## [Extracted data entries]
= = = =
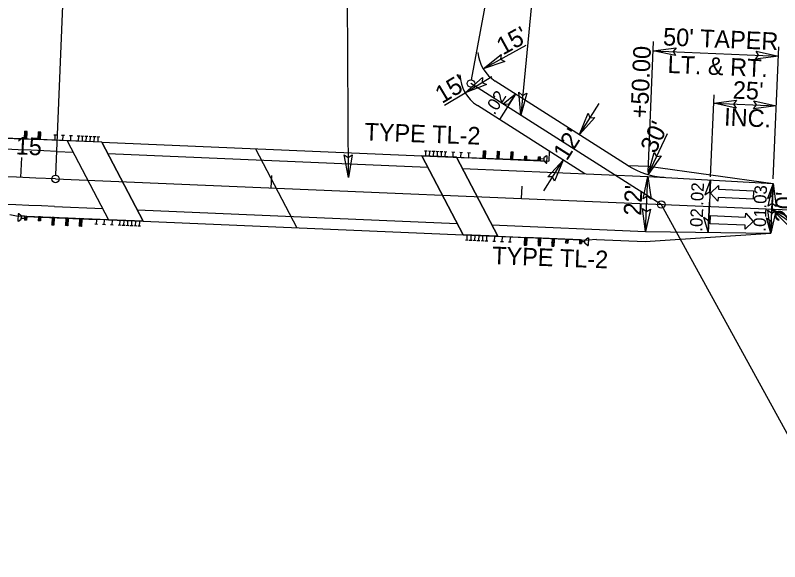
# Model space of a CAD drawing. Extents: x 2170295 to 2171718, y 723585 to 724580.
# Drawn here: x 2170898.6 to 2171203.6, y 723922.2 to 724140.1 of the extents above; entities that cross this region are included whole.
import ezdxf

# ---------------------------------------------------------------- set-up
doc = ezdxf.new("R2010")
doc.units = 0
for name, color, linetype in [('Prop Approach Slab', 7, 'Continuous'), ('Prop Approach Slab Hatching', 7, 'Continuous'), ('Prop Dimension', 7, 'Continuous'), ('Prop DSN Text', 7, 'Continuous'), ('Prop EOT', 7, 'Continuous'), ('Prop Guardrail', 7, 'Continuous'), ('Prop Guardrail Anchor Unit CELL', 7, 'Continuous'), ('Prop Horizontal Alignment', 7, 'Continuous'), ('Prop Horizontal Alignment Direction Label', 7, 'Continuous'), ('Prop Horizontal Alignment Station Label', 7, 'Continuous'), ('Prop Horizontal Alignment Tick Label', 7, 'Continuous'), ('Prop Horizontal Alignment Tick Large', 7, 'Continuous'), ('Prop Horizontal Alignment Tick Small', 7, 'Continuous'), ('Prop Lane Arrow CELL', 7, 'Continuous'), ('Prop Paved Shoulder', 7, 'Continuous'), ('Prop Roadway Bridge', 7, 'Continuous'), ('Prop Structure Anchor Unit CELL', 7, 'Continuous'), ('Prop Superelevation  Arrow CELL', 7, 'Continuous'), ('Prop Superelevation Label', 7, 'Continuous'), ('Prop Terminator CELL', 7, 'Continuous')]:
    doc.layers.add(name, color=color, linetype=linetype)

msp = doc.modelspace()

# ---------------------------------------------------------------- linework, layer by layer
at = {"layer": 'Prop Approach Slab'}
for p, q in [((2170933.16, 724089.46), (2170919.32, 724090.04)), ((2170919.32, 724090.04), (2170935.81, 724058.48)), ((2171060.1, 724084.1), (2171060.1, 724084.1)), ((2171060.79, 724084.07), (2171074.62, 724083.48)), ((2171074.62, 724083.48), (2171091.11, 724051.93)), ((2170949.64, 724057.9), (2170935.81, 724058.48)), ((2171091.11, 724051.93), (2171077.27, 724052.51))]:
    msp.add_line(p, q, dxfattribs=at)
at = {"layer": 'Prop Approach Slab Hatching'}
for points in [[(2170935.81, 724058.48), (2170949.64, 724057.9), (2170933.16, 724089.46), (2170919.32, 724090.04)], [(2171074.62, 724083.48), (2171060.79, 724084.07), (2171077.27, 724052.51), (2171091.11, 724051.93)]]:
    msp.add_lwpolyline(points, close=True, dxfattribs=at)
at = {"layer": 'Prop Dimension'}
for p, q in [((2171031.51, 724075.41), (2171030.57, 724264.51)), ((2171151.12, 724077.55), (2171153.32, 724129.63)), ((2171085.32, 724118.69), (2171102.5, 724128.16)), ((2171153.16, 724125.94), (2171203.12, 724123.83)), ((2171201.05, 724074.86), (2171203.28, 724127.52)), ((2171078.07, 724109.2), (2171088.79, 724115.68)), ((2171069.84, 724104.23), (2171078.07, 724109.2)), ((2171176.06, 724075.65), (2171177.44, 724108.29)), ((2171123.68, 724092.47), (2171131.54, 724104.86)), ((2171177.3, 724105.02), (2171202.28, 724103.96)), ((2171151.08, 724076.55), (2171158.83, 724092.95)), ((2171109.43, 724070.04), (2171117.25, 724082.34)), ((2171200.14, 724053.22), (2171200.97, 724072.93)), ((2171200.54, 724062.74), (2171439.97, 723895.67))]:
    msp.add_line(p, q, dxfattribs=at)
at = {"layer": 'Prop DSN Text'}
msp.add_line((2171150.12, 724053.86), (2171151.05, 724075.84), dxfattribs=at)
msp.add_line((2171150.12, 724053.86), (2171151.05, 724075.84), dxfattribs=at)
msp.add_line((2171150.12, 724053.86), (2171151.05, 724075.84), dxfattribs=at)
at = {"layer": 'Prop EOT'}
for p, q in [((2171143.19, 724080.08), (2171090.12, 724113.78)), ((2171125.82, 724076.9), (2171082.98, 724104.1)), ((2170915.08, 724085.8), (2170921.68, 724085.52)), ((2171076.98, 724078.96), (2171151.05, 724075.84)), ((2171151.05, 724075.84), (2171200.97, 724072.93)), ((2170914.15, 724063.82), (2170933.44, 724063)), ((2171088.75, 724056.45), (2171150.12, 724053.86)), ((2171150.12, 724053.86), (2171200.14, 724053.22))]:
    msp.add_line(p, q, dxfattribs=at)
for centre, radius, start, end in [((2171098.16, 724126.45), 15, 184.6964, 237.5825), ((2171091.02, 724116.76), 15, 181.901, 237.5825), ((2168445.99, 665601.01), 58536.88, 87.5825428, 87.7429222), ((2171159.27, 724105.41), 30, 237.5825, 266.6634), ((2168445.99, 665601.01), 58514.88, 87.5825428, 87.7429222)]:
    msp.add_arc(centre, radius, start, end, dxfattribs=at)
at = {"layer": 'Prop Guardrail'}
for p, q in [((2170914.43, 724090.25), (2170908.18, 724090.51)), ((2171085.76, 724083.01), (2171079.52, 724083.28)), ((2170924.67, 724058.95), (2170930.91, 724058.69)), ((2171096, 724051.72), (2171102.25, 724051.46))]:
    msp.add_line(p, q, dxfattribs=at)
at = {"layer": 'Prop Guardrail Anchor Unit CELL'}
for p, q in [((2170902.26, 724090.76), (2170902.38, 724093.79)), ((2170903.2, 724092.24), (2170902.26, 724090.76)), ((2170902.32, 724092.28), (2170903.26, 724093.76)), ((2170903.2, 724092.24), (2170902.32, 724092.28)), ((2170903.13, 724090.72), (2170902.32, 724092.28)), ((2170903.26, 724093.76), (2170902.38, 724093.79)), ((2170902.38, 724093.79), (2170903.2, 724092.24)), ((2170903.13, 724090.72), (2170903.26, 724093.76)), ((2170907.74, 724090.53), (2170907.87, 724093.56)), ((2170908.68, 724092.01), (2170907.74, 724090.53)), ((2170907.81, 724092.05), (2170908.75, 724093.52)), ((2170908.68, 724092.01), (2170907.81, 724092.05)), ((2170908.62, 724090.49), (2170907.81, 724092.05)), ((2170908.75, 724093.52), (2170907.87, 724093.56)), ((2170907.87, 724093.56), (2170908.68, 724092.01)), ((2170908.62, 724090.49), (2170908.75, 724093.52)), ((2170886.24, 724091.44), (2170908.18, 724090.51)), ((2170903.13, 724090.72), (2170902.26, 724090.76)), ((2170908.62, 724090.49), (2170907.74, 724090.53)), ((2171085.32, 724083.03), (2171085.45, 724086.06)), ((2171086.33, 724086.03), (2171085.39, 724084.55)), ((2171086.27, 724084.51), (2171085.45, 724086.06)), ((2171085.45, 724086.06), (2171086.33, 724086.03)), ((2171086.2, 724082.99), (2171086.33, 724086.03)), ((2171090.81, 724082.8), (2171090.94, 724085.83)), ((2171091.82, 724085.8), (2171090.87, 724084.32)), ((2171091.75, 724084.28), (2171090.94, 724085.83)), ((2171090.94, 724085.83), (2171091.82, 724085.8)), ((2171091.69, 724082.76), (2171091.82, 724085.8)), ((2171096.3, 724082.57), (2171096.42, 724085.6)), ((2171097.3, 724085.56), (2171096.36, 724084.09)), ((2171097.24, 724084.05), (2171096.42, 724085.6)), ((2171096.42, 724085.6), (2171097.3, 724085.56)), ((2171097.17, 724082.53), (2171097.3, 724085.56)), ((2171085.32, 724083.03), (2171086.27, 724084.51)), ((2171085.32, 724083.03), (2171086.2, 724082.99)), ((2171085.39, 724084.55), (2171086.27, 724084.51)), ((2171085.39, 724084.55), (2171086.2, 724082.99)), ((2171107.71, 724082.09), (2171085.76, 724083.01)), ((2171090.81, 724082.8), (2171091.75, 724084.28)), ((2171090.81, 724082.8), (2171091.69, 724082.76)), ((2171090.87, 724084.32), (2171091.75, 724084.28)), ((2171090.87, 724084.32), (2171091.69, 724082.76)), ((2171096.3, 724082.57), (2171097.24, 724084.05)), ((2171096.3, 724082.57), (2171097.17, 724082.53)), ((2171096.36, 724084.09), (2171097.24, 724084.05)), ((2171096.36, 724084.09), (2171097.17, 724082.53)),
= = = =
## [THE PROBLEM]
Set down exactly and only the lines from the start of the entries above through the line containing "import ezdxf", both ends included, omitting the pictures.

## [RESULT BELOW]
# Model space of a CAD drawing. Extents: x 2170295 to 2171718, y 723585 to 724580.
# Drawn here: x 2170898.6 to 2171203.6, y 723922.2 to 724140.1 of the extents above; entities that cross this region are included whole.
import ezdxf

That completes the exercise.